**Entries taken from a collection:**
□ □ □ □ □ □ □
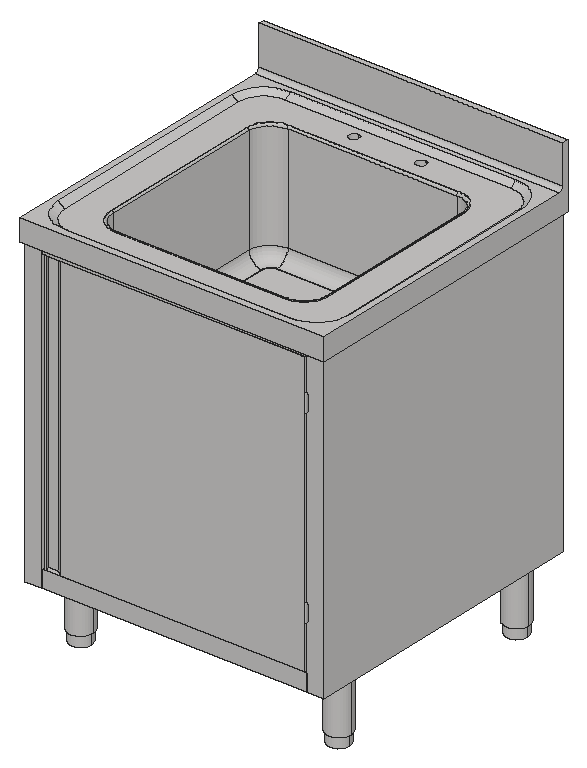
Revit family "QF_ELECTROLUXPROFESSIONAL_134132_GLG716P", category Attrezzature speciali, Revit 2020
Family settings
  Quota connettore circolare = Usa diametro
  Tipo di parte = Normale
  Basato su piano di lavoro = No
  Sempre verticale = Sì
  Taglio con vuoti quando caricato = No
  Condiviso = No
  Punto di calcolo locali = No
Parameters (values of type "Standard")
  Weight = 34.00 kg
  Watts = 0 W
  Volts = 0 V
  URL Manufacturer = "https://www.electroluxprofessional.com/"
  URL = "https://www.electroluxprofessional.com/"
  Steam Supply Size = 0 mm
  Steam Supply Minimum Pressure = 0.0 Pa
  Steam Supply Maximum Pressure = 0.0 Pa
  Steam Consumption per Hour = 0
  Refrigeration Suction Line Size = 0.0 mm
  Refrigeration Liquid Line Size = 0.0 mm
  Refrigerant Compressor Remote = yes
  Prospetto di default = 0.0 mm
  Phase = 0
  Modello = "GLG716P"
  Produttore = "Electrolux Professional"
  Length Actual = 700.0 mm  # constant formula
  Item Number = "134132"
  Hot Water Size = 0 mm
  Height Actual = 1000.0 mm  # constant formula
  HP = "0 HP"
  Gas Size = 0 mm
  Gas KW = 0
  Gas Input Pressure = 0 W
  Direct Waste Size = 0 mm
  Descrizione = "SINK CUPBOARD 1 BOWL 700 MM"
  Depth Actual = 700.0 mm  # constant formula
  Cycle = 0 Hz
  Condensate Return Size = 0 mm
  Compressed Air Volume = 0.0 L/s
  Compressed Air Size = 0 mm
  Compressed Air Pressure = 0.0 Pa
  Cold Water Size = 0 mm
  Accessory = yes
Reference planes
  plane 1 "Center (Front/Back)": y = 0
  plane 2: z = 0
  plane 3 "Center (Left/Right)": x = 150
  plane 4 "LEFT": x = -200
  plane 5 "RIGHT": x = 500
  plane 6 "BACK": y = 350
  plane 7 "FRONT": y = -350
  plane 8 "Base": z = 850
  plane 9 "TOP": z = 900
  plane 10 "Sink_Base": z = 608
  plane 11 "ScaricoX": x = 300
  plane 12 "ScaricoY": y = 127
  plane 13: z = 441
  plane 14: x = 227.5
  plane 15: y = 270
  plane 16: x = 72.5
Forms (mm)
  Extrusion 1, solid, material "QF_Finishes_Stainless Steel"
    sketch origin (150, 0, 0) x (0, 1, 0) y (0, 0, 1)
      loop
        line (-350, 850) -> (350, 850) -> (350, 1000) -> (337, 1000) -> (337, 910)
        arc (337, 910) -> (334.071, 902.929) -> (327, 900) r 10
        line (327, 900) -> (-350, 900) -> (-350, 850)
    from 350 to -350
  Extrusion 2, void
    sketch origin (0, 0, 900) x (0, 1, 0) y (-1, 0, 0)
      loop
        arc (-214, 100) -> (-252.891, 83.891) -> (-269, 45) r 55
        line (-269, 45) -> (-269, -345)
        arc (-269, -345) -> (-252.874, -383.908) -> (-213.951, -400) r 55
        line (-213.951, -400) -> (176.049, -400)
        arc (176.049, -400) -> (214.908, -383.874) -> (231, -345) r 55
        line (231, -345) -> (231, 45)
        arc (231, 45) -> (214.891, 83.891) -> (176, 100) r 55
        line (176, 100) -> (-214, 100)
    from 0 to -50
  Sweep 3, solid, material "QF_Finishes_Stainless Steel"
    path origin (0, 0, 900) x (0, 1, 0) y (-1, 0, 0)
      loop
        line (176, 100) -> (-214, 100)
        arc (-214, 100) -> (-252.891, 83.891) -> (-269, 45) r 55
        line (-269, 45) -> (-269, -345)
        arc (-269, -345) -> (-252.874, -383.908) -> (-213.951, -400) r 55
        line (-213.951, -400) -> (176.049, -400)
        arc (176.049, -400) -> (214.908, -383.874) -> (231, -345) r 55
        line (231, -345) -> (231, 45)
        arc (231, 45) -> (214.891, 83.891) -> (176, 100) r 55
    profile origin (-100, -19, 900) x (1, 0, 0) y (0, 0, 1)
      loop
        arc (5, -15) -> (3.536, -11.464) -> (0, -10) r 5
        line (0, -10) -> (0, -11.5)
        arc (0, -11.5) -> (2.475, -12.525) -> (3.5, -15) r 3.5
        line (3.5, -15) -> (3.5, -260.5)
        arc (3.5, -260.5) -> (12.726, -282.774) -> (35, -292) r 31.5
        line (35, -292) -> (35, -290.5)
        arc (35, -290.5) -> (13.787, -281.713) -> (5, -260.5) r 30
        line (5, -260.5) -> (5, -15)
  Extrusion 4, solid, material "QF_Finishes_Stainless Steel"
    sketch origin (0, 0, 608) x (0, -1, 0) y (1, 0, 0)
      loop
        arc (-196, -45) -> (-190.142, -59.142) -> (-176, -65) r 20
        line (-176, -65) -> (214, -65)
        arc (214, -65) -> (228.142, -59.142) -> (234, -45) r 20
        line (234, -45) -> (234, 345)
        arc (234, 345) -> (228.132, 359.153) -> (213.97, 365) r 20
        line (213.97, 365) -> (-176.03, 365)
        arc (-176.03, 365) -> (-190.153, 359.132) -> (-196, 345) r 20
        line (-196, 345) -> (-196, -45)
    from 0 to 1.5
  Extrusion 5, void
    sketch origin (0, 0, 608) x (0, -1, 0) y (1, 0, 0)
      loop
        circle (-127, 300) r 28
    from 32.343 to -63.145
  Revolve 6, solid, material "QF_Finishes_White"
    sketch origin (300, 0, 0) x (0, -1, 0) y (0, 0, 1)
      loop
        line (-143.5, 592.617) -> (-143.5, 578.5) -> (-142, 578.5) -> (-142, 593.449) -> (-153.558, 600.671) -> (-153.558, 608) -> (-155.058, 608) -> (-155.058, 599.84) -> (-143.5, 592.617)
      axis (-127, 608) -> (-127, 578.5)
    angle from 0 to 360
  Extrusion 7, void
    sketch origin (0, 0, 608) x (0, -1, 0) y (1, 0, 0)
      loop
        circle (-270, 227.5) r 11.5
      loop
        circle (-270, 72.5) r 11.5
    from 242 to 292
  Blend 8, void
    base sketch origin (0, 0, 900) x (0, 1, 0) y (-1, 0, 0)
      loop
        arc (314.887, 109.887) -> (292.92, 162.92) -> (239.887, 184.887) r 75
        line (239.887, 184.887) -> (-259.887, 184.887)
        arc (-259.887, 184.887) -> (-312.92, 162.92) -> (-334.887, 109.887) r 75
        line (-334.887, 109.887) -> (-334.887, -409.887)
        arc (-334.887, -409.887) -> (-312.92, -462.92) -> (-259.887, -484.887) r 75
        line (-259.887, -484.887) -> (239.887, -484.887)
        arc (239.887, -484.887) -> (292.92, -462.92) -> (314.887, -409.887) r 75
        line (314.887, -409.887) -> (314.887, 109.887)
    top sketch origin (0, 0, 900) x (0, 1, 0) y (-1, 0, 0)
      loop
        arc (299.887, 109.887) -> (282.313, 152.313) -> (239.887, 169.887) r 60
        line (239.887, 169.887) -> (-259.887, 169.887)
        arc (-259.887, 169.887) -> (-302.313, 152.313) -> (-319.887, 109.887) r 60
        line (-319.887, 109.887) -> (-319.887, -409.887)
        arc (-319.887, -409.887) -> (-302.313, -452.313) -> (-259.887, -469.887) r 60
        line (-259.887, -469.887) -> (239.887, -469.887)
        arc (239.887, -469.887) -> (282.313, -452.313) -> (299.887, -409.887) r 60
        line (299.887, -409.887) -> (299.887, 109.887)
    from 0 to -10
Cuts and joins
  Extrusion 2, Extrusion 7, Blend 8 cuts Extrusion 1
  Extrusion 5 cuts Extrusion 4
Lines and regions (mm)
  symbolic lines
    curve 1: line (500, 350, 900) -> (-200, 350, 900)
    curve 2: line (-200, 350, 900) -> (-200, -350, 900)
    curve 3: line (-200, -350, 900) -> (500, -350, 900)
    curve 4: line (500, -350, 900) -> (500, 350, 900)
    curve 5: line (500, 337, 900) -> (-200, 337, 900)
    curve 6: line (-109.887, 314.887, 608) -> (409.887, 314.887, 608)
    curve 7: arc (-109.887, 314.887, 608) -> (-162.92, 292.92, 608) -> (-184.887, 239.887, 608) r 75
    curve 8: line (-184.887, -259.887, 608) -> (-184.887, 239.887, 608)
    curve 9: arc (-184.887, -259.887, 608) -> (-162.92, -312.92, 608) -> (-109.887, -334.887, 608) r 75
    curve 10: line (409.887, -334.887, 608) -> (-109.887, -334.887, 608)
    curve 11: arc (409.887, -334.887, 608) -> (462.92, -312.92, 608) -> (484.887, -259.887, 608) r 75
    curve 12: line (484.887, 239.887, 608) -> (484.887, -259.887, 608)
    curve 13: arc (484.887, 239.887, 608) -> (462.92, 292.92, 608) -> (409.887, 314.887, 608) r 75
    curve 14: arc (400, 176.049, 608) -> (383.874, 214.908, 608) -> (345, 231, 608) r 55
    curve 15: line (-45, 231, 608) -> (345, 231, 608)
    curve 16: arc (-45, 231, 608) -> (-83.891, 214.891, 608) -> (-100, 176, 608) r 55
    curve 17: line (-100, -214, 608) -> (-100, 176, 608)
    curve 18: arc (-100, -214, 608) -> (-83.891, -252.891, 608) -> (-45, -269, 608) r 55
    curve 19: line (345, -269, 608) -> (-45, -269, 608)
    curve 20: arc (345, -269, 608) -> (383.908, -252.874, 608) -> (400, -213.951, 608) r 55
    curve 21: line (400, 176.049, 608) -> (400, -213.951, 608)
    curve 22: line (-45, 196, 608) -> (345, 196, 608)
    curve 23: arc (-45, 196, 608) -> (-59.142, 190.142, 608) -> (-65, 176, 608) r 20
    curve 24: line (-65, -214, 608) -> (-65, 176, 608)
    curve 25: line (345, -234, 608) -> (-45, -234, 608)
    curve 26: arc (-65, -214, 608) -> (-59.142, -228.142, 608) -> (-45, -234, 608) r 20
    curve 27: arc (345, -234, 608) -> (359.153, -228.132, 608) -> (365, -213.97, 608) r 20
    curve 28: line (365, 176.03, 608) -> (365, -213.97, 608)
    curve 29: arc (365, 176.03, 608) -> (359.132, 190.153, 608) -> (345, 196, 608) r 20
    curve 30: circle (300, 127, 608) r 28 normal (0, 0, 1)
    curve 31: circle (300, 127, 608) r 15 normal (0, 0, -1)
    curve 32: circle (72.5, 270, 608) r 11.5 normal (0, 0, 1)
    curve 33: circle (227.5, 270, 608) r 11.5 normal (0, 0, 1)
    curve 34: arc (-109.887, 299.887, 608) -> (-152.313, 282.313, 608) -> (-169.887, 239.887, 608) r 60
    curve 35: line (409.887, 299.887, 608) -> (-109.887, 299.887, 608)
    curve 36: line (-169.887, 239.887, 608) -> (-169.887, -259.887, 608)
    curve 37: arc (-169.887, -259.887, 608) -> (-152.313, -302.313, 608) -> (-109.887, -319.887, 608) r 60
    curve 38: line (-109.887, -319.887, 608) -> (409.887, -319.887, 608)
    curve 39: arc (409.887, -319.887, 608) -> (452.313, -302.313, 608) -> (469.887, -259.887, 608) r 60
    curve 40: line (469.887, -259.887, 608) -> (469.887, 239.887, 608)
    curve 41: arc (469.887, 239.887, 608) -> (452.313, 282.313, 608) -> (409.887, 299.887, 608) r 60
Dimensions and locks
  plane 4 "LEFT" to plane 5 "RIGHT" = 700.0 mm
  equal spacing: plane 4 "LEFT", plane 3 "Center (Left/Right)", plane 5 "RIGHT"
  locked: plane 8 "Base" to level at 850
  locked: Extrusion 1 to level at 1000
  plane 9 "TOP" to level = 900.0 mm
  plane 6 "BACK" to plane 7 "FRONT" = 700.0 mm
□ □ □ □ □ □ □
**About this exercise:**
Look above for the line with "path origin (0, 0, 900)" and the line with "line (213.97, 365) -> (-176.03, 365)", and reproduce exactly those two lines plus every line between, nothing more.

**Answer to the exercise:**
    path origin (0, 0, 900) x (0, 1, 0) y (-1, 0, 0)
      loop
        line (176, 100) -> (-214, 100)
        arc (-214, 100) -> (-252.891, 83.891) -> (-269, 45) r 55
        line (-269, 45) -> (-269, -345)
        arc (-269, -345) -> (-252.874, -383.908) -> (-213.951, -400) r 55
        line (-213.951, -400) -> (176.049, -400)
        arc (176.049, -400) -> (214.908, -383.874) -> (231, -345) r 55
        line (231, -345) -> (231, 45)
        arc (231, 45) -> (214.891, 83.891) -> (176, 100) r 55
    profile origin (-100, -19, 900) x (1, 0, 0) y (0, 0, 1)
      loop
        arc (5, -15) -> (3.536, -11.464) -> (0, -10) r 5
        line (0, -10) -> (0, -11.5)
        arc (0, -11.5) -> (2.475, -12.525) -> (3.5, -15) r 3.5
        line (3.5, -15) -> (3.5, -260.5)
        arc (3.5, -260.5) -> (12.726, -282.774) -> (35, -292) r 31.5
        line (35, -292) -> (35, -290.5)
        arc (35, -290.5) -> (13.787, -281.713) -> (5, -260.5) r 30
        line (5, -260.5) -> (5, -15)
  Extrusion 4, solid, material "QF_Finishes_Stainless Steel"
    sketch origin (0, 0, 608) x (0, -1, 0) y (1, 0, 0)
      loop
        arc (-196, -45) -> (-190.142, -59.142) -> (-176, -65) r 20
        line (-176, -65) -> (214, -65)
        arc (214, -65) -> (228.142, -59.142) -> (234, -45) r 20
        line (234, -45) -> (234, 345)
        arc (234, 345) -> (228.132, 359.153) -> (213.97, 365) r 20
        line (213.97, 365) -> (-176.03, 365)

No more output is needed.